Hallo Zusammen,
in der system i ist schon ein Temperaturfühler integriert und wenn 56 Grad erreicht, dann fährt das System
zum eigenen Schutz herunter. Es kommen aber schon zuvor Warnhinweise, wie zum Beispiel bei 40 Grad.
Wir haben diese Fälle öfters und durch unser Überwachungstool, welches wir bei unseren Kunden einsetzen, können wir früh genug reagieren.
Hier die Meldungen:
Document Title: System Shutdown and UPS Messages in History Log

Abstract



Any release of SLIC prior to V5R5M0 will make Thermal events look like UPS
shutdown failures.

Document Description:

Sequence of Events as the Ambient Temperature Rises

Note: The following information was gathered from a 9406-520 at firmware
level SF235_185 (GA6-SP2 marker PTF MH00517) with system value QUPSDLYTIM
set to 900 seconds.


1 SRC11007201 indicates that the ambient temperature measured by the
system is above 104' F (40'C).

a The system fans speed up to increase airflow in an attempt to
correct the high temperature condition.



2 SRC11007203 indicates that the ambient temperature is above 118' F
(48' C).

a The system immediately posts a B6007201 in the PAL (product
activity log).
b QHST and the system operator message queue log a CPF1816 message.
c The system starts to count down 900 seconds (as set in
QUPSDLYTIM).



3 At this point, one of the following events could occur:

o The temperature drops back below the 118' F threshold before the
QUPSDLYTIM limit is reached.
a QHST and the system operator message queue logs a CPF1817
message.
b SRCB6007202 is posted in the PAL.
c The system continues to run normally.

o The temperature remains above the 11007203 threshold to the end
of the 900 second QUPSDLYTIM limit.
a The system powers down.

o The temperature continues to rise past the 11007205 threshold;
the ambient temperature is above 132'F (56'C).

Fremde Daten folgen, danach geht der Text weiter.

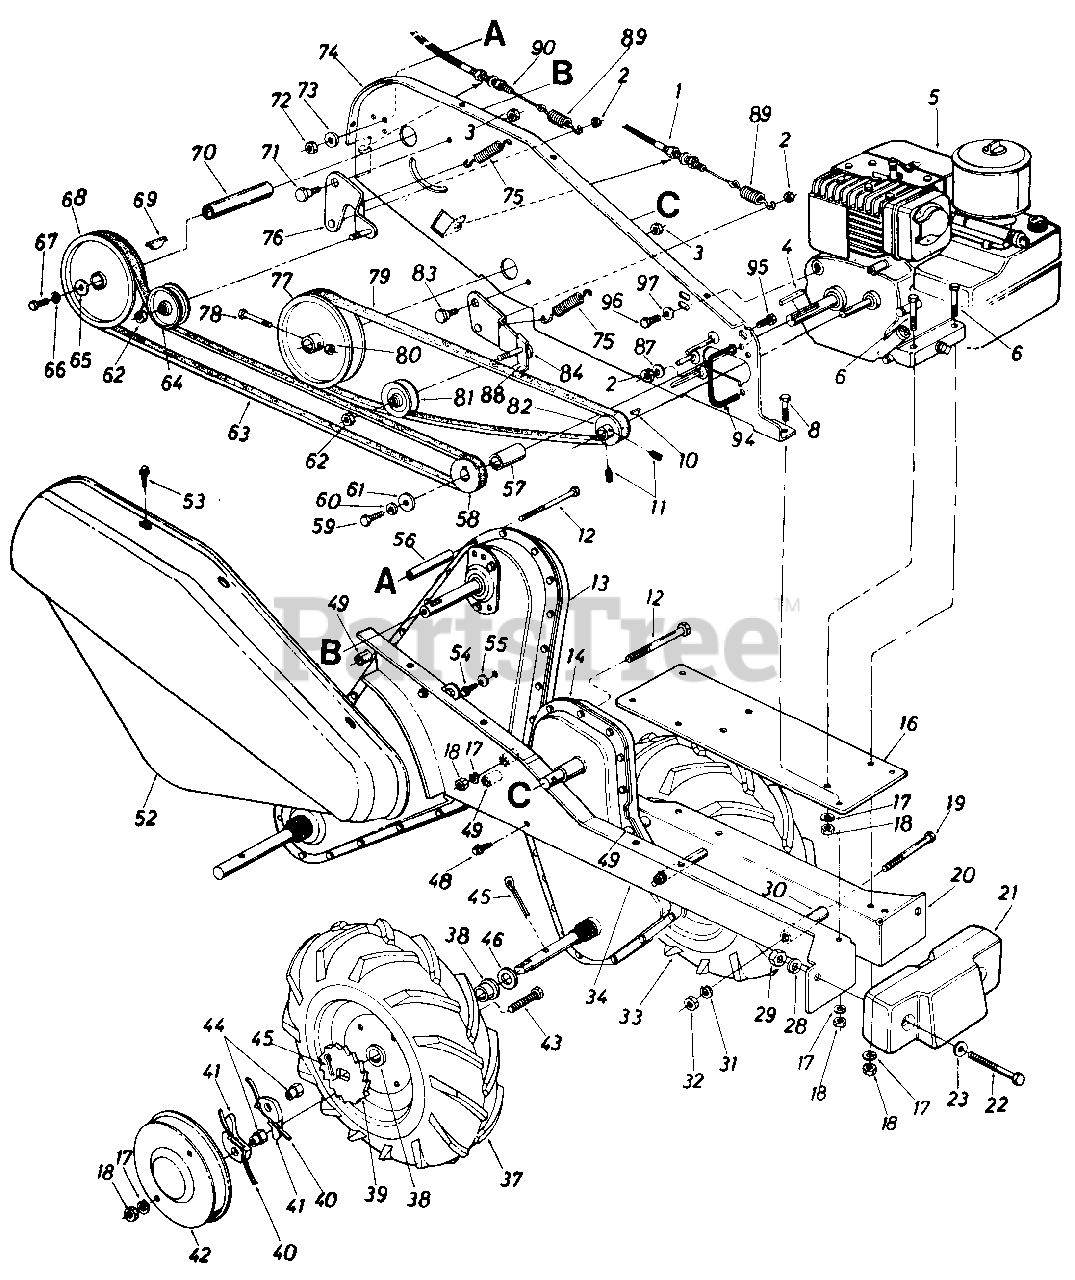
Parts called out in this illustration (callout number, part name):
1	Clutch Control Cable
2	Hex Cent. L-Nut 1/4-20 Thd.
3	Hex Cent. L-Nut 3/8-16 Thd.*
4	Sq. Key 3/16" Dia. x .75
5	Engine
6	Hex Bolt 5/16-18 x 1.50" Lg.*
8	Hex Bolt 5/16-18 x .75" Lg.*
10	Hi-Pro Key #5 Woodruff
11	Set Scr. 1/4-28 x .25" Lg.
12	Hex Bolt 5/16-18 x 3.0" Lg.*
18	Hex Nut 5/16-18 Thd.*
19	Hex Bolt 3/8-24 x 3.0" Lg.*
22	Hex Bolt 1/2-13 x 4.0" Lg.
23	Fl-Wash. 1/2" I.D. x 1.0" O.D.
28	L-Wash. 1/2" I.D.*
29	Hex Nut 1/2-13 Thd.*
30	Spacer 3/8" I.D. x 5/8" O.D. x 2.18" Lg.
31	L-Wash. 3/8" I.D.*
32	Hex Nut 3/8-24 Thd.*
33	Comp. Wheel Ass'y.-L.H.
38	Flange Brg. 7/8" I.D. x 1.12" Lg.
39	Ratchet Wheel
40	Nylon Spring
41	Pawl.44" I.D.
42	Wheel Cover
43	Hex Bolt 5/16-18 x 1.25" Lg.*
44	Special Hex-Nut 5/16-24 Thd.
45	Cotter Pin 1/8" Dia. x 1.25"*
46	Fl-Wash. 7/8" I.D. x 1-3/8" O.D. x .06
48	Hex Wash. Self-Tap Scr. 5/16-24 x .50" Lg.
49	Spacer 5/16" I.D. x .96" Lg.
52	Belt Cover
53	Hex Wash. S-Tap Scr. 1/4-20 0 x.50" Lg.
54	Hex Wash. S-Tap Scr. 1/4-20 0 x 3/8" Lg.
55	Bell-Wash. 1/4" I.D.
56	Spacer 3/8" I.D. x 2.0" Lg.
57	Spacer 3/4" I.D. x 1.56" Lg.
58	1/2" "V"-4L Pulley 3/4" I.D. x 2.59" O.D.
59	Hex Bolt 3/8-24 x 1.00" Lg.
60	L-Wash. 3/8" I.D.*
61	FL-Wash. 3/8" I.D. x 1.25" O.D.
62	Hex L-Nut 3/8-24 Thd.
63	"V"-Belt
64	Fl-Idler Pulley 3.75" O.D. x 3/8" I.D.
65	Fl-Wash. .25" I.D. x .93" O.D. x .120
66	L-Wash. 1/4" I.D.
67	Hex Bolt 1/4-28 x .75" Lg.
68	Split Pulley 6" Dia. x 5/8"-I.D.
69	Hi-Pro Key
71	Shld. Bolt 1/2" Dia. x .210"
72	Hex Nut 5/16-18 Thd.
73	L-Wash. 5/16" I.D.
74	Side Plate Ass'y.
75	Ext. Spring 50" O.D. x 1.55"
76	Idler Bracket Ass'y.-Tines
77	Pulley 6" Dia. x 5/8" I.D.
78	Hex Bolt 1/4-28 x 1.50" Lg.
80	Hex Cent. L-Nut 1/4-28 Thd.
81	"V"-ldler Pulley 2-5/8" O.D.
82	1/2" "V"-Pulley 2 1/4" O.D. x .50" I.D.
83	Shld. Bolt 1/2" Dia. x .160"
84	Idler Bracket Ass'y.-Wheels
87	Bell-Wash. 1/4" I.D.
88	Belt Keeper Ass'y.
90	Clutch Control Cable
94	Belt Keeper
95	Hex Bolt 1/4-20 x 1.25" Lg.
96	Hex Bolt 5/16-24 x .62" Lg.
97	Bell-Wash. 5/16" I.D.

a QHST and the system operator message queue log a CPI0964
message.
b The system powers down immediately, regardless of the
QUPSDLYTIM value.
c CPI0979 is logged in QHST and the system operator message
queue after the system is IPLed again.





In SLIC V5R5M0, a new MI event has been added to cause SLIC to correctly
handle overheating situations. The new event flow puts a new message into
the QSYSOPR message queue that tells the system operator about the
overheating condition. After it does this, the partition will shut down.

So, until then, if a customer system goes down and you see UPS messages in
the history log, examine PAL entries for SRCs 1100720x and B600720x. If
you see these ambient temperature SRCs in PAL (they are not logged in SAL),
then it is possible that the system overheated and shut down.